Supplementary Materials
Data Availability Statement
In this study, we have used the NanoString CosMx SMI non-small-cell lung cancer (NSCLC) formalin-fixed paraffin-embedded (FFPE) Dataset, 10x Visium datasets from human dorsolateral prefrontal cortex (DLPFC) [45], 10x Visium data from human breast cancer tissue, and mouse brain coronal and anterior tissue sections. NanoString dataset contains eight different samples from five NSCLC tissues, Lung 5-rep1, Lung 5-rep2, Lung 5-rep3, Lung6, Lung 9-rep1, Lung 9-rep2, Lung-12, and Lung-13. For each dataset, gene expression data and multichannel images are provided with five channels: MembraneStrain, PanCK, CD45, CD3, and DAPI. For each staining, a rich gray-scale image composed of a combination of multiple FOVs is also provided. Along with that, metadata about cells such as identified cell coordinates, cell area, width, and height is provided. Lung-13 sample consists of 20 field of views (FOVs) and 77 643 cells.

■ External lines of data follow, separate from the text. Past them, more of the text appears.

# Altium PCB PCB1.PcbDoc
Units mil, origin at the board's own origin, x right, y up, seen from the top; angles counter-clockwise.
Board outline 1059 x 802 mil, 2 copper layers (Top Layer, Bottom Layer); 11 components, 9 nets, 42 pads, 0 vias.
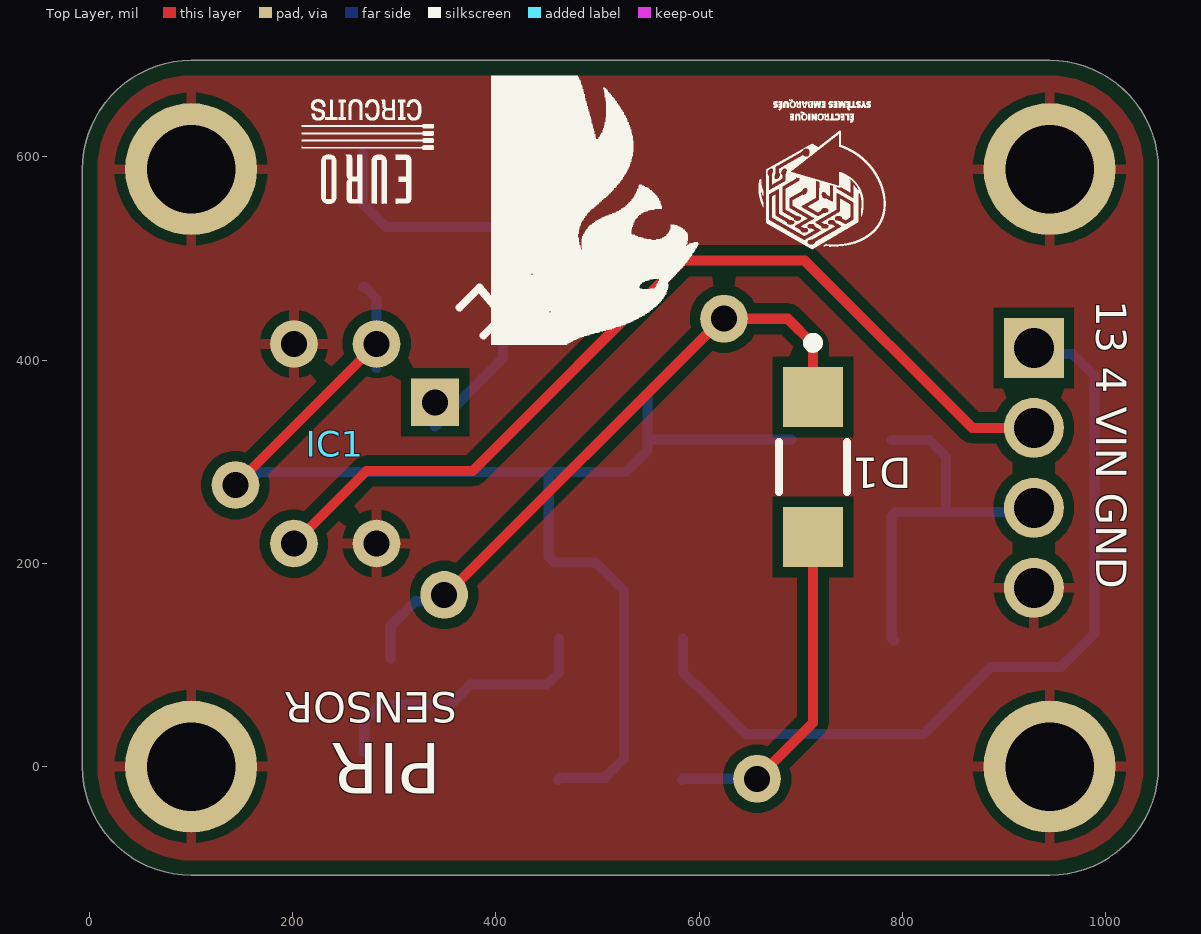
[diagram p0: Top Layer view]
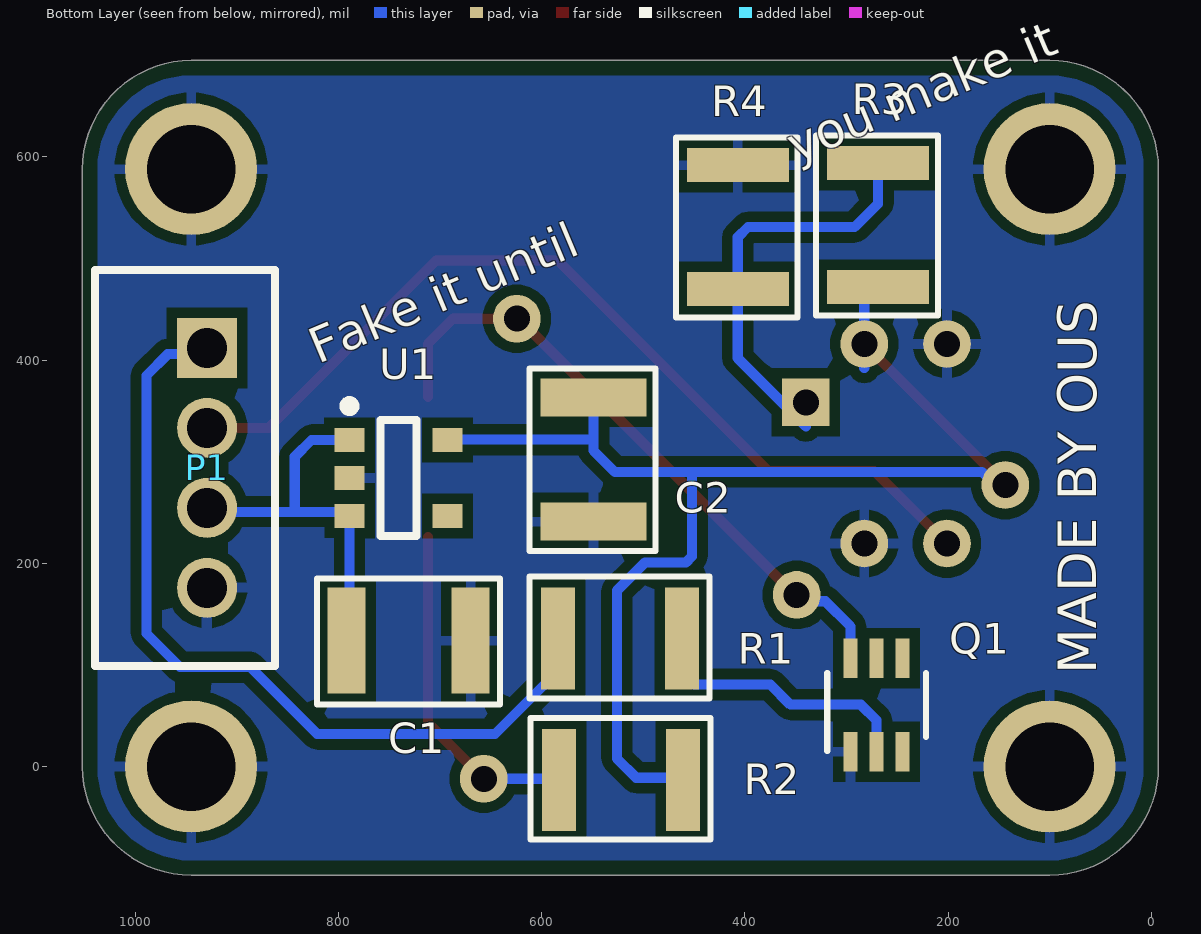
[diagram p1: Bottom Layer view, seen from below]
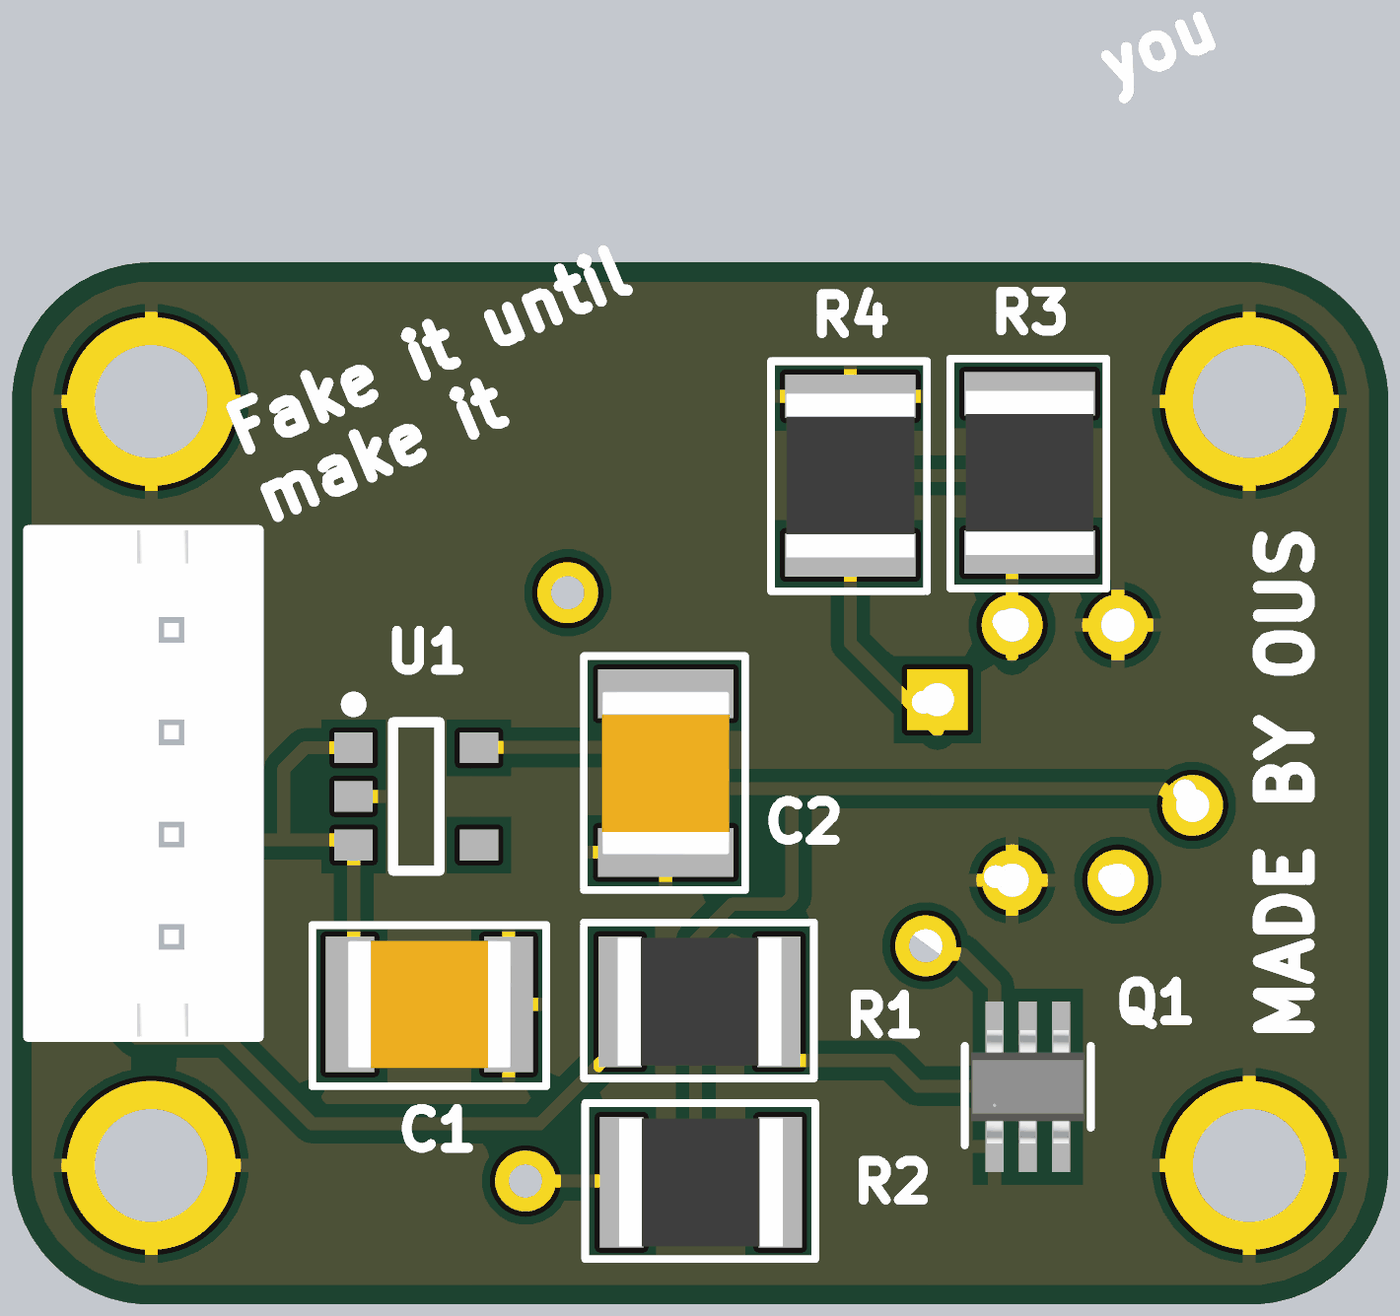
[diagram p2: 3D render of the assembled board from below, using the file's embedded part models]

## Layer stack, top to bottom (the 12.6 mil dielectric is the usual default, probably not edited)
Top Solder: solder mask 0.4, Solder Resist, Dk 3.5
Top Layer: signal copper 1.4
Dielectric 1: dielectric 12.6, FR-4, Dk 4.8
Bottom Layer: signal copper 1.4
Bottom Solder: solder mask 0.4, Solder Resist, Dk 3.5

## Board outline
-7,0 -7,588 cw(c100,588) 100,695 945,695 cw(c945,588) 1052,588 1052,0 cw(c945,0) 945,-107 100,-107 cw(c100,0)

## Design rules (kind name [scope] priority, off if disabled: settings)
Clearance [All] p1: gap=10 ignorepadtopadclearanceinfootprint=FALSE
PolygonConnect [All] p1: connectstyle=Relief reliefconductorwidth=10 reliefentries=4 polygonreliefangle="90 Angle" airgapwidth=10
RoutingVias [All] p1: holewidth=28 width=50 viastyle="Through Hole" minholewidth=28 minwidth=50 maxholewidth=28 maxwidth=50
SolderMaskExpansion [All] p1: expansion=4 istentingtop=FALSE
SupplyNets "Schematic Supply Nets_1" [InNet('VCC')] p1: voltage=0.000
SupplyNets "Schematic Supply Nets" [InNet('GND')] p2: voltage=0.000
Width [All] p1: maxlimit=10 minlimit=10 preferedwidth=10
30 further rules are at their usual default settings.

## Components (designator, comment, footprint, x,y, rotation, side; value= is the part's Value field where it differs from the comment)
C1 "Val?" 1206-C 731,124 r0 bottom
C2 "Val?" 1206-C 549,302 r90 bottom
D1 "LTST-C150KSKT" FP-LTST-C150KSKT-MFG 712,295 r270 top
IC1 "BS612" BS612 340,358.44 r90 top
P1 "B4B-PH-K-S(LF)(SN)" JST-B4B-PH-K-S_V 951,294 r270 bottom
Q1 "BSS138PS,115" SC-88_SOT363_NEX-M 270.41,60.5 r90 bottom
R1 "Val?" 1206-R 523,126 r180 bottom
R2 "Val?" 1206-R 522,-13 r180 bottom
R3 "Val?" 1206-R 269,533 r90 bottom
R4 "Val?" 1206-R 407,531 r90 bottom
U1 "ADP150AUJZ-3.3-R7" ADI-UJ-5_L 741,284 r180 bottom

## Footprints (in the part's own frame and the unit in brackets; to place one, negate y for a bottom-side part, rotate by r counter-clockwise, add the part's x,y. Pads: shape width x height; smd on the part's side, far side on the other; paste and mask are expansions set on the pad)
1206-C [mm] "Chip Capacitor, 2-Leads, Body 3,20x2,50mm, IPC Medium Density"
  rect 0.95x2.65 smd: 1(-1.55,0) 2(1.55,0)
  silkscreen extent -2.29,-1.55 2.29,1.6, body extent -1.6,-1.25 1.6,1.25, height 0.55
1206-R [mm] "Chip Resistor, 2-Leads, Body 3,20x2,50mm, IPC Medium Density"
  rect 0.85x2.55 smd: 1(-1.55,0) 2(1.55,0)
  silkscreen extent -2.26,-1.5 2.24,1.55, body extent -1.6,-1.25 1.6,1.25, height 0.55
ADI-UJ-5_L [mm] "SOT23, 5-Leads, Body 2.9x1.6mm, Pitch 0.95mm, IPC High Density"
  rect 0.75x0.6 smd: 1(-1.225,0.95) 2(-1.225,0) 3(-1.225,-0.95) 4(1.225,-0.95) 5(1.225,0.95)
  silkscreen extent -1.35,-1.45 0.45,1.92, body extent -0.8,-1.45 0.8,1.45, height 1
BS612 [mm]
  rect 1.192x1.192 hole 0.65: 1(0,0)
  round 1.192 hole 0.65: 2(1.461,1.461) 3(1.461,3.527) 4(-2.066,4.988) 5(-3.528,3.527) 6(-3.528,1.461)
  silkscreen extent 1.67,-1.71 2.87,-0.61, body extent -5.55,-2.3 3.55,6.8, height 5.19
FP-LTST-C150KSKT-MFG [mm]
  rect 1.5x1.5 smd paste+0 mask+0: 1(-1.75,0) 2(1.75,0)
  silkscreen extent -3.22,-0.85 0.63,0.85, body extent -2.6,-0.95 2.6,0.95, height 0.25
JST-B4B-PH-K-S_V [mm] "Connector, 4-Leads, Body 9.9x4.5mm, Pitch 2mm"
  rect 1.5x1.5 hole 1: 1(-3,0.55)
  round 1.5 hole 1: 2(-1,0.55) 3(1,0.55) 4(3,0.55)
  silkscreen extent -4.95,-2.25 4.95,2.25, body extent -4.95,-2.25 4.95,2.25, height 6
SC-88_SOT363_NEX-M [mil]
  rect 39x14 smd paste+0 mask+0: 1(-46,25.59) 2(-46,0) 3(-46,-25.59) 4(46,-25.59) 5(46,0) 6(46,25.59)
  silkscreen extent -45,-48 32,48, body extent -44,-44 44,44, height 43

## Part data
C1 C2: library part Capacitor-NP
D1: library part CMP-2000-06618-2, "LED YELLOW CLEAR 1206 SMD", Case Code (Imperial)=1206, Case Code (Metric)=3216, Color=Yellow, Forward Current=30mA, Forward Voltage=2.4V, Lens Color=Colorless, Max Operating Temperature=85°C, Min Operating Temperature=-55°C, Package Quantity=1, Power Dissipation=75mW, Reverse Voltage=5V, Test Current=20mA
IC1: "Integrated Circuit", Manufacturer_Name=Adafruit, Manufacturer_Part_Number=5578, Mouser Part Number=485-5578
P1: library part CMP-2000-05165-1, "Male Header, Pitch 2 mm, 1 x 4 Position, Height 6 mm, Tail Length 3.4 mm, -25 to 85 degC, RoHS, Bulk", Manufacturer=JST
Q1: "Description", Manufacturer_Name=Nexperia
R1 R2 R3 R4: library part Resistor
U1: library part CMP-0786-00394-1, "Ultralow Noise, 150 mA CMOS Linear Regulator, 2.2 to 5.5 V Vin, 3.3 V Vout, Industrial, 5-pin SOT23 (UJ-5), Reel", Manufacturer="Analog Devices", Preset Vout Values (V)=3.3, Supply Current IGND @ Small Load=10uA

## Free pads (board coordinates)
  round 130 hole 87: 5(100,0) 5(100,588) 5(945,0) 5(945,588)
  round 46.93 hole 25.59: 6(349,169) 6(624.45,440.78) 6(657,-12)

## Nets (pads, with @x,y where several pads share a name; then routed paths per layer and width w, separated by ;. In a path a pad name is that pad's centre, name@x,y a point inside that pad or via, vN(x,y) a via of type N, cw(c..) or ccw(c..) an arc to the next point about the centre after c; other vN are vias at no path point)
GND: C1.1 C2.1 IC1.3 IC1.6 P1.4 pad.5 Q1.1 R4.2 U1.2
GPIO4: IC1.5 P1.2 | length 911.7
  Top Layer w10: IC1.5 272.6,291 377,291 584,498 704,498 868.63,333.37 P1.2
GPIO13: P1.1 R1.1 | length 829.4
  Bottom Layer w10: R1.1 584.02,92.54 595.76,80.8 597.2,80.8 646,32 821,32 887,98 956,98 989,131 989,385 968.02,405.98 935.47,405.98 P1.1
NetD1_1: D1.1 pad.6@349,169 pad.6@624.45,440.78 Q1.6 | length 635.3
  Top Layer w10: pad.6@349,169 350.84,169 622.62,440.78 624.45,440.78 687.22,440.78 712,416 D1.1
  Bottom Layer w10: Q1.6 296,138 320.8,162.8 342.8,162.8 pad.6@349,169
NetD1_2: D1.2 pad.6@657,-12 R2.1 | length 335.3
  Top Layer w10: pad.6@657,-12 712,43 D1.2
  Bottom Layer w10: R2.1 584.02,-12 pad.6@657,-12
NetIC1_1: IC1.1 R3.2 R4.1 | length 415.4
  Bottom Layer w10: R3.2@269,604.02 269,554 292,531 397,531 407,521 407,479.98 407,402 IC1.1@340,335
NetQ1_2: Q1.2 R1.2 | length 275.5
  Bottom Layer w10: Q1.2 270.41,45.55 285.86,61 355.22,61 375.02,80.8 450.24,80.8 461.98,92.54 R1.2
VCC: C2.2 IC1.2 IC1.4 R2.2 R3.1 U1.5 | length 1339.6
  Top Layer w10: IC1.4 IC1.2 ; IC1.4@144,271 160.96,271 IC1.4@155.34,265.38
  Bottom Layer w10: IC1.4@143.62,268.08 IC1.4 153.61,277.1 166.51,290 452,290 ; R3.1 270.75,471.98 282.48,460.24 IC1.2 IC1.2@282.48,392.52 ; R2.2 462.98,-11 507,-11 526,8 526,173 498,201 457.86,201 452,206.86 452,290 ; C2.2 549,321 ; U1.5@690.6,321.77 549.77,321.77 549,321 ; 452,290 528,290 549,311 549,321
VSYS_VIN: C1.2 P1.3 U1.1 U1.3 | length 383
  Bottom Layer w10: U1.1 826.6,321.4 843,305 843,252.61 845,250.61 ; C1.2 789.23,126.8 U1.3 793.24,250.61 845,250.61 ; P1.3 925.33,250.61 845,250.61
pads on no net: Q1.3 Q1.4 Q1.5 U1.4

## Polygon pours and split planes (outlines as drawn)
GND on Top Layer "GND_L01_P009" (solid, pour order 9): 8,0 8,588 cw(c100,588) 100,680 945,680 cw(c945,588) 1037,588 1037,0 cw(c945,0) 945,-92 100,-92 cw(c100,0)
GND on Bottom Layer "GND_L02_P008" (solid, pour order 8): 8,0 8,588 cw(c100,588) 100,680 945,680 cw(c945,588) 1037,588 1037,0 cw(c945,0) 945,-92 100,-92 cw(c100,0)

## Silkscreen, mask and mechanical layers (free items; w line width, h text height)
Top Overlay:
  drawing of 53 lines, arcs and shapes, not listed
  text "13 4 VIN GND" at 991,459 h30 r270
  text "SENSOR" at 362,73 h30 r180
  text "PIR" at 346,23 h50 r180
Bottom Overlay:
  text "Fake it until               you make it" at 820,396 h35 r337.2
  text "MADE BY OUS" at 54,91 h38 r270
Dimensions:
  the board outline again, w10

The cells were grouped into eight cell types: tumor, fibroblasts, lymphocyte, mast, neutrophil, and endothelial and epithelial cells. 10x Visium DLPFC dataset consists of 12 samples, 151676, 151675, 151674, 151673, 151672, 151671, 151670, 151669, 151510, 151509, 151508, and 151507, with up to 6 cortical layers and white matter manual annotation. The hematoxylin and eosin (H&E) images of the tissue sections along with the transcriptomics data are provided. Mouse brain anterior and coronal sections and human breast cancer 10x Visium datasets consist of one sample each with transcriptomics data and H&E images of the tissue sections.